ACTION ITEM -
When the line with "AS5600 = AS5600-ASOM: Integrated" appears below, start repeating lines exactly, and keep going through the line with "C1 C2 = CMP-03020-003638-1: C1206"; add nothing outside that span.

Content starts

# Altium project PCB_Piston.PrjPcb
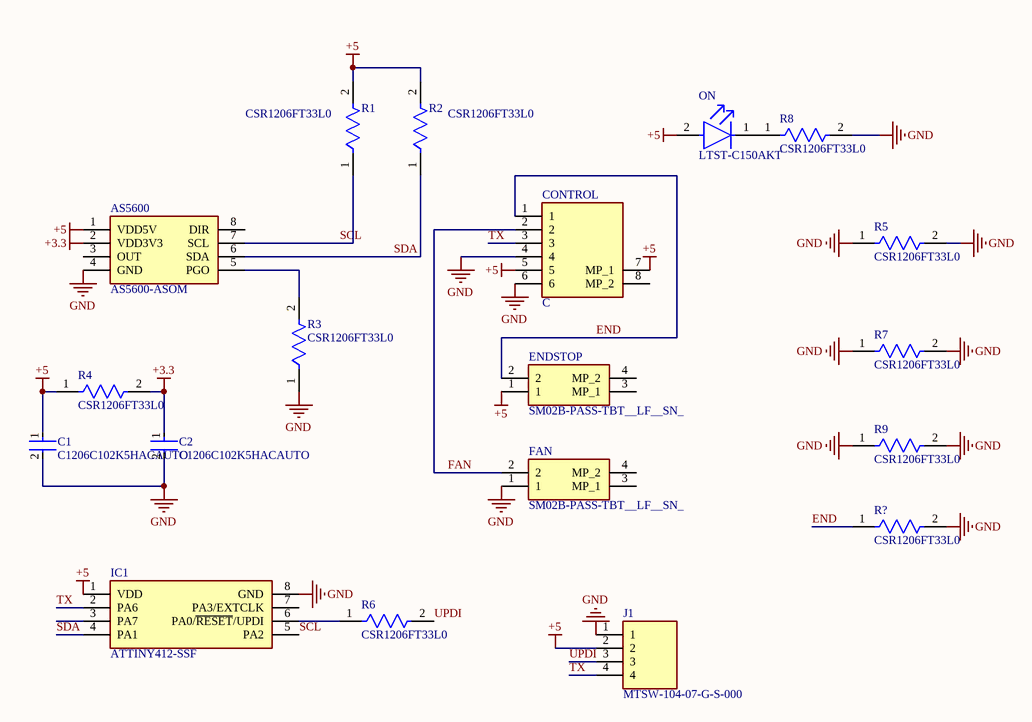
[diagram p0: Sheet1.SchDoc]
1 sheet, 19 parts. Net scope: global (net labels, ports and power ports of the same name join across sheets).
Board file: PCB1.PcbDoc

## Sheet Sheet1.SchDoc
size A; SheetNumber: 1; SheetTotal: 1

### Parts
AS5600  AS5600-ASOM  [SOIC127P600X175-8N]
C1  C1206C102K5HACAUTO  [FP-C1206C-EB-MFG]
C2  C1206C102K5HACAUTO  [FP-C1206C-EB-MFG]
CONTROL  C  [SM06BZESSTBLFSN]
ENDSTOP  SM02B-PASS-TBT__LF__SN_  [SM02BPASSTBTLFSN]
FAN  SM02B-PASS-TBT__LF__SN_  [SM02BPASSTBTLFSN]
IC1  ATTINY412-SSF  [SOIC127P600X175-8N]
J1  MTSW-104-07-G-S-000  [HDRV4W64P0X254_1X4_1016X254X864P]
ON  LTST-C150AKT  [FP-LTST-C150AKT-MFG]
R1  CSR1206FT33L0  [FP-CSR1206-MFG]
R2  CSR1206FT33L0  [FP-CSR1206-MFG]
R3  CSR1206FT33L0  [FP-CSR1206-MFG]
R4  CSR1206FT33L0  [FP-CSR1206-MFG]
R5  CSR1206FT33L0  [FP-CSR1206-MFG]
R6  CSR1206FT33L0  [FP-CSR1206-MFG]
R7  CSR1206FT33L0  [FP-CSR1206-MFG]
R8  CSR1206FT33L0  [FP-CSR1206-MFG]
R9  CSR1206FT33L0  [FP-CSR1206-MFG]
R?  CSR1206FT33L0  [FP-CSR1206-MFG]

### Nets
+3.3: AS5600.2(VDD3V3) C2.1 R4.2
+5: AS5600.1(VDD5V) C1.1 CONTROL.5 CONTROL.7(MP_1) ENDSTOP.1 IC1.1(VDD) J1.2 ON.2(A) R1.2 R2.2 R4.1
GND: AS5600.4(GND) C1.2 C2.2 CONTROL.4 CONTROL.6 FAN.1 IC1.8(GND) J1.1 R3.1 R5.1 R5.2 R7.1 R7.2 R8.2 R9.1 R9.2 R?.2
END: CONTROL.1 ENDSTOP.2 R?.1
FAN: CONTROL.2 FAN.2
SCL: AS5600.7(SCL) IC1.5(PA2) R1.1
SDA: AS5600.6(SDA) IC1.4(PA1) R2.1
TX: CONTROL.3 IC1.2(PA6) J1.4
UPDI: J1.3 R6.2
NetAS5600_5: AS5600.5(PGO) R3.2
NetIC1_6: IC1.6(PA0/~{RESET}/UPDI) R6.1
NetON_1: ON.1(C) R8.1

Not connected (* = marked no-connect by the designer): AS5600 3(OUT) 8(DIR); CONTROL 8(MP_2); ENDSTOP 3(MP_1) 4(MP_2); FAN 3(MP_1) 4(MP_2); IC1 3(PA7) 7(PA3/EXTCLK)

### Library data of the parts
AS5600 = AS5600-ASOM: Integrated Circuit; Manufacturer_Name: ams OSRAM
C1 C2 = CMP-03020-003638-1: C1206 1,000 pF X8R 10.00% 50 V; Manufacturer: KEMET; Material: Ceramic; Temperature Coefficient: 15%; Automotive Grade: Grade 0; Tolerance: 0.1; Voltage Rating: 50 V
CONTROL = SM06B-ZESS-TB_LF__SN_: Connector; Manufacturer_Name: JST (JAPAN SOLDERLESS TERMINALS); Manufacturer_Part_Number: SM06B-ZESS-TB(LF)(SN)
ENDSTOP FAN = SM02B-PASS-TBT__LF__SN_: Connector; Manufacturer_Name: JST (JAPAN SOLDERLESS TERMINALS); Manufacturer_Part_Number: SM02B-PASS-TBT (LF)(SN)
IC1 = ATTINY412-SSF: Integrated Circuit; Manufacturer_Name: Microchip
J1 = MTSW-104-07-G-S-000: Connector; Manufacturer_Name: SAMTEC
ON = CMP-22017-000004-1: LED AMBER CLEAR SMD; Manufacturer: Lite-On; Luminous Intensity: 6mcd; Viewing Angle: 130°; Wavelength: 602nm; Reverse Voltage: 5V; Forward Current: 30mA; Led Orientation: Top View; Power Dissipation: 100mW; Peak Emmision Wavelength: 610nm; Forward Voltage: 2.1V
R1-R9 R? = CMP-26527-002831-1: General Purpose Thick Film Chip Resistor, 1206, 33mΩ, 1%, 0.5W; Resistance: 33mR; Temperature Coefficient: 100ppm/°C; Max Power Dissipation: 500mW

Content ends

TASK OUTPUT -
AS5600 = AS5600-ASOM: Integrated Circuit; Manufacturer_Name: ams OSRAM
C1 C2 = CMP-03020-003638-1: C1206 1,000 pF X8R 10.00% 50 V; Manufacturer: KEMET; Material: Ceramic; Temperature Coefficient: 15%; Automotive Grade: Grade 0; Tolerance: 0.1; Voltage Rating: 50 V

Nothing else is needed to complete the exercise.